LooKing for Richard (filme de 1996)

Por que continuar a ler Shakespeare hoje? O que um homem distante meio milênio de nós ainda teria a nos dizer? Trata-se de um autor supervalorizado? É um artista restrito aos meios acadêmicos, incapaz de despertar o interesse dos mais jovens?  Considerando as perguntas acima, não é de se estranhar que o título do filme que as aborda comece pela busca: LooKing . Essa mesma palavra, que remete à procura, também nos leva ao olhar: em uma atuação magistral, Al Pacino nos convida a ver, com uma mirada despida de preconceitos e da decoreba escolar, quem verdadeiramente foi Shakespeare.
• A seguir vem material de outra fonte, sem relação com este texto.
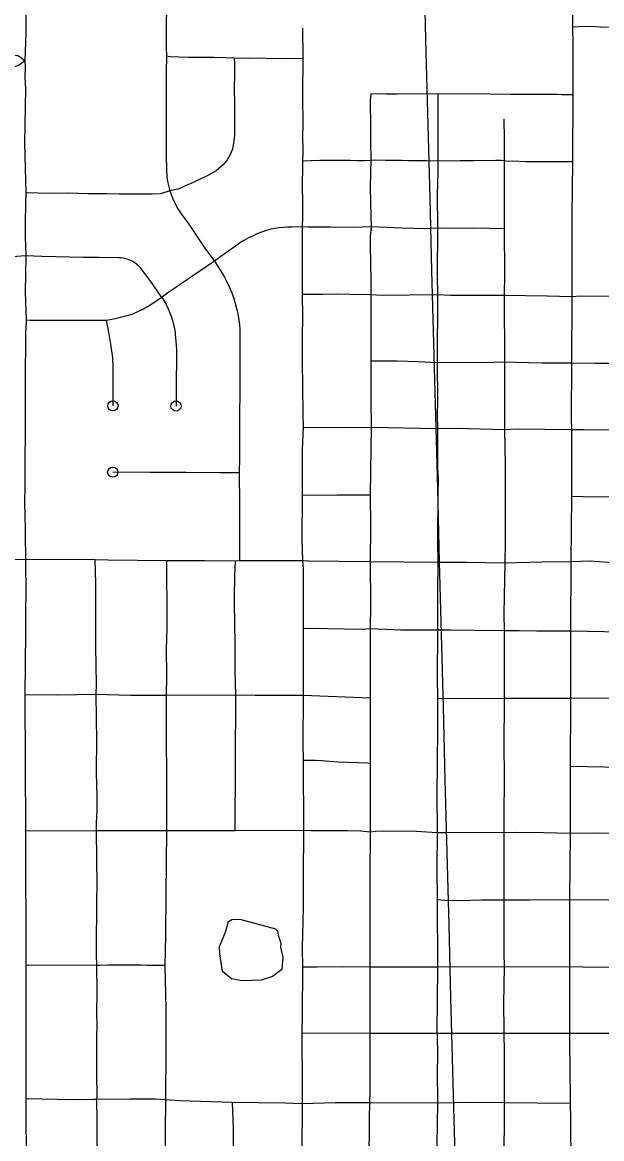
# Model space of a CAD drawing. Extents: x -19 to 366, y -4 to 359.
# Drawn here: x 149.004 to 149.541, y 188.912 to 189.945 of the extents above; entities that cross this region are included whole.
import ezdxf

# ---------------------------------------------------------------- set-up
doc = ezdxf.new("R2010")
doc.units = 0
for name, color, linetype in [('Level 33', 7, 'Continuous'), ('Level 34', 7, 'Continuous'), ('Level 35', 7, 'Continuous'), ('Level 60', 7, 'Continuous')]:
    doc.layers.add(name, color=color, linetype=linetype)

msp = doc.modelspace()

# ---------------------------------------------------------------- linework, layer by layer
at = {"layer": 'Level 33'}
for points in [[(149.5144, 190.0639), (149.5141, 189.9986), (149.5139, 189.9409)], [(149.0328, 190.056), (149.0287, 190.0475), (149.0239, 190.0369), (149.0162, 190.0193), (149.0125, 190.0097), (149.0101, 190.0009), (149.008, 189.9875), (149.0077, 189.9769), (149.0075, 189.9353), (149.0067, 189.9097)], [(149.1439, 190.0058), (149.1407, 189.9968), (149.1391, 189.9893), (149.1382, 189.9846), (149.1378, 189.977), (149.1379, 189.9675), (149.1376, 189.9335), (149.1376, 189.922), (149.138, 189.9138)], [(149.2638, 189.94), (149.264, 189.9119)], [(149.575, 189.9401), (149.551, 189.9405), (149.5399, 189.9409), (149.5348, 189.9412), (149.5246, 189.9413), (149.5139, 189.9409)], [(149.5139, 189.9409), (149.5141, 189.925), (149.514, 189.8782)], [(149.0067, 189.9097), (149.0027, 189.9128), (148.9995, 189.9145), (148.9768, 189.9139), (148.9683, 189.9132), (148.9621, 189.9123)], [(149.0067, 189.9097), (149.0005, 189.905), (148.9981, 189.9044), (148.9928, 189.9041), (148.9877, 189.9042), (148.9816, 189.9047), (148.9745, 189.9065), (148.9692, 189.9084), (148.9621, 189.9123)], [(149.0067, 189.9097), (149.007, 189.9037), (149.0067, 189.8943), (149.0072, 189.8838), (149.0067, 189.8502), (149.0064, 189.8338), (149.0077, 189.7874)], [(149.138, 189.9138), (149.1376, 189.899), (149.1377, 189.8841), (149.1376, 189.8536), (149.1375, 189.8371), (149.1376, 189.8289), (149.1376, 189.8197), (149.1383, 189.8016), (149.1392, 189.7967), (149.141, 189.7891)], [(149.2005, 189.912), (149.1924, 189.9125), (149.1817, 189.9128), (149.1584, 189.9128), (149.1412, 189.9134), (149.138, 189.9138)], [(149.2005, 189.912), (149.2008, 189.9079), (149.2009, 189.9008), (149.2007, 189.8808), (149.2009, 189.8724), (149.201, 189.8404), (149.2003, 189.8354), (149.2, 189.8338), (149.1989, 189.8279), (149.1964, 189.8224), (149.1942, 189.8181), (149.191, 189.814), (149.1839, 189.8077), (149.1762, 189.8034), (149.1626, 189.7969), (149.1483, 189.7908), (149.141, 189.7891)], [(149.264, 189.9119), (149.2462, 189.9116), (149.2149, 189.9121), (149.2069, 189.9119), (149.2005, 189.912)], [(149.264, 189.9119), (149.2641, 189.8992), (149.2639, 189.8919), (149.2637, 189.8785), (149.264, 189.8489), (149.2638, 189.841), (149.2641, 189.8258), (149.2638, 189.8167)], [(149.327, 189.8789), (149.3266, 189.8731), (149.3269, 189.8481), (149.3267, 189.836), (149.3271, 189.8174)], [(149.389, 189.8788), (149.3745, 189.879), (149.3512, 189.8788), (149.3413, 189.8788), (149.3346, 189.8792), (149.327, 189.8789)], [(149.514, 189.8782), (149.5041, 189.8781), (149.4999, 189.8783), (149.4903, 189.8786), (149.4729, 189.8783), (149.4632, 189.8785), (149.4561, 189.8784), (149.4375, 189.8789), (149.4054, 189.8791), (149.389, 189.8788)], [(149.389, 189.8788), (149.3891, 189.8166)], [(149.514, 189.8782), (149.5137, 189.816)], [(149.4502, 189.8555), (149.4505, 189.8371), (149.4507, 189.817)], [(149.2638, 189.8167), (149.2638, 189.8108), (149.2634, 189.7953), (149.2638, 189.7766), (149.2637, 189.7653), (149.2634, 189.7558)], [(149.3271, 189.8174), (149.3213, 189.8169), (149.3144, 189.8169), (149.3079, 189.8173), (149.3036, 189.8172), (149.2982, 189.8174), (149.2883, 189.8172), (149.2799, 189.8173), (149.2638, 189.8167)], [(149.3271, 189.8174), (149.3267, 189.805), (149.3266, 189.7931), (149.3268, 189.7776), (149.3273, 189.7558)], [(149.3891, 189.8166), (149.3789, 189.8171), (149.3619, 189.8171), (149.3556, 189.8174), (149.3408, 189.8172), (149.3312, 189.8175), (149.3271, 189.8174)], [(149.3891, 189.8166), (149.3891, 189.8075), (149.3886, 189.7858), (149.3888, 189.7547)], [(149.4507, 189.817), (149.4478, 189.8173), (149.4429, 189.8173), (149.4221, 189.8169), (149.4097, 189.817), (149.3891, 189.8166)], [(149.4507, 189.817), (149.4504, 189.7974), (149.4507, 189.754)], [(149.5137, 189.816), (149.5012, 189.816), (149.4904, 189.8162), (149.4809, 189.8161), (149.4707, 189.8162), (149.4587, 189.8166), (149.4542, 189.8165), (149.4507, 189.817)], [(149.5137, 189.816), (149.5133, 189.766), (149.5133, 189.7548), (149.5133, 189.6912)], [(149.0077, 189.7874), (149.0073, 189.777), (149.0071, 189.7603), (149.0071, 189.7464), (149.0075, 189.729)], [(149.141, 189.7891), (149.1322, 189.7866), (149.1246, 189.7862), (149.1071, 189.7863), (149.0942, 189.7862), (149.0827, 189.7865), (149.0815, 189.7865), (149.0653, 189.7866), (149.0463, 189.787), (149.0303, 189.7869), (149.0077, 189.7874)], [(149.141, 189.7891), (149.1444, 189.7803), (149.1485, 189.7726), (149.1514, 189.7678), (149.1585, 189.7583), (149.1735, 189.7362), (149.1823, 189.724)], [(149.2634, 189.7558), (149.254, 189.7555), (149.25, 189.7555), (149.2461, 189.7553), (149.2421, 189.755), (149.2382, 189.7544), (149.2344, 189.7536), (149.2305, 189.7526), (149.2268, 189.7514), (149.2224, 189.7497), (149.218, 189.7477), (149.2138, 189.7456), (149.2096, 189.7432), (149.2056, 189.7407), (149.2017, 189.738), (149.1979, 189.7351), (149.1883, 189.7284), (149.1823, 189.724)], [(149.2634, 189.7558), (149.2635, 189.7404), (149.2636, 189.6933)], [(149.3273, 189.7558), (149.3114, 189.7554), (149.2893, 189.7556), (149.2692, 189.7555), (149.2634, 189.7558)], [(149.3273, 189.7558), (149.3266, 189.7472), (149.3265, 189.7409), (149.3268, 189.7206), (149.3271, 189.7082), (149.3272, 189.6928)], [(149.3888, 189.7547), (149.3772, 189.7542), (149.3561, 189.7546), (149.3273, 189.7558)], [(149.3888, 189.7547), (149.3886, 189.7116), (149.3889, 189.6928)], [(149.4507, 189.754), (149.4371, 189.7545), (149.4221, 189.7546), (149.3936, 189.7544), (149.3888, 189.7547)], [(149.4507, 189.754), (149.4508, 189.7121), (149.4506, 189.6924)], [(149.0075, 189.729), (148.995, 189.7282), (148.9759, 189.7281), (148.9517, 189.7287)], [(149.0075, 189.729), (149.0069, 189.6958), (149.0081, 189.6695)], [(149.1337, 189.6904), (149.1234, 189.7054), (149.1139, 189.7179), (149.1123, 189.7196), (149.1105, 189.7211), (149.1087, 189.7225), (149.1067, 189.7237), (149.1046, 189.7248), (149.1025, 189.7256), (149.1002, 189.7263), (149.098, 189.7268), (149.0957, 189.7271), (149.0934, 189.7273), (149.0748, 189.7275), (149.061, 189.7276), (149.0225, 189.7284), (149.0075, 189.729)], [(149.1823, 189.724), (149.1507, 189.7025), (149.1379, 189.694), (149.1337, 189.6904)], [(149.1823, 189.724), (149.1888, 189.7138), (149.1915, 189.7092), (149.194, 189.7044), (149.1962, 189.6996), (149.1983, 189.6947), (149.2001, 189.6897), (149.2034, 189.6781), (149.2043, 189.6738), (149.205, 189.6695), (149.2055, 189.6651), (149.2057, 189.6607), (149.2057, 189.6498), (149.2059, 189.612), (149.2057, 189.597), (149.2056, 189.5876), (149.2055, 189.5423), (149.2051, 189.5282)], [(149.1337, 189.6904), (149.1217, 189.6827), (149.118, 189.6805), (149.1143, 189.6786), (149.1103, 189.6768), (149.1063, 189.6752), (149.1014, 189.6736), (149.089, 189.6703), (149.0821, 189.6692)], [(149.1337, 189.6904), (149.1358, 189.687), (149.1378, 189.6835), (149.1395, 189.6799), (149.1411, 189.6763), (149.1426, 189.6723), (149.1438, 189.6683), (149.1448, 189.6642), (149.1457, 189.6601), (149.147, 189.6426), (149.147, 189.6406), (149.1467, 189.6052), (149.1467, 189.59)], [(149.2636, 189.6933), (149.2637, 189.6728), (149.2635, 189.6535), (149.2636, 189.6317), (149.2637, 189.6079), (149.264, 189.5832), (149.2644, 189.5702)], [(149.3272, 189.6928), (149.3074, 189.6934), (149.2957, 189.6935), (149.2826, 189.6933), (149.2636, 189.6933)], [(149.3272, 189.6928), (149.327, 189.6711), (149.3271, 189.6314)], [(149.3889, 189.6928), (149.3374, 189.6923), (149.3272, 189.6928)], [(149.3889, 189.6928), (149.3885, 189.6301)], [(149.4506, 189.6924), (149.4214, 189.6922), (149.401, 189.6924), (149.3889, 189.6928)], [(149.4506, 189.6924), (149.451, 189.6307)], [(149.5133, 189.6912), (149.4905, 189.6917), (149.4506, 189.6924)], [(149.5133, 189.6912), (149.513, 189.6296)], [(149.5756, 189.6905), (149.5559, 189.6913), (149.5214, 189.6917), (149.5133, 189.6912)], [(149.0081, 189.6695), (149.008, 189.6667), (149.0072, 189.6577), (149.0072, 189.6473), (149.0069, 189.6224), (149.007, 189.5834), (149.0066, 189.5208), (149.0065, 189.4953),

Composto de forma similar a um reality show - ou a um vasto making of de um filme/peça -, LooKing for Richard  é uma pluralidade de metalinguagens. A obra conta com entrevistas sobre o que os jovens sentem ao ler suas peças, falas de estudiosos renomados sobre o tema e detalhes da composição dos personagens pelos atores. Dono de uma profundidade impressionante, o longa é um dos mais indicados documentários

Brilho eterno de uma mente sem lembranças (filme de 2004)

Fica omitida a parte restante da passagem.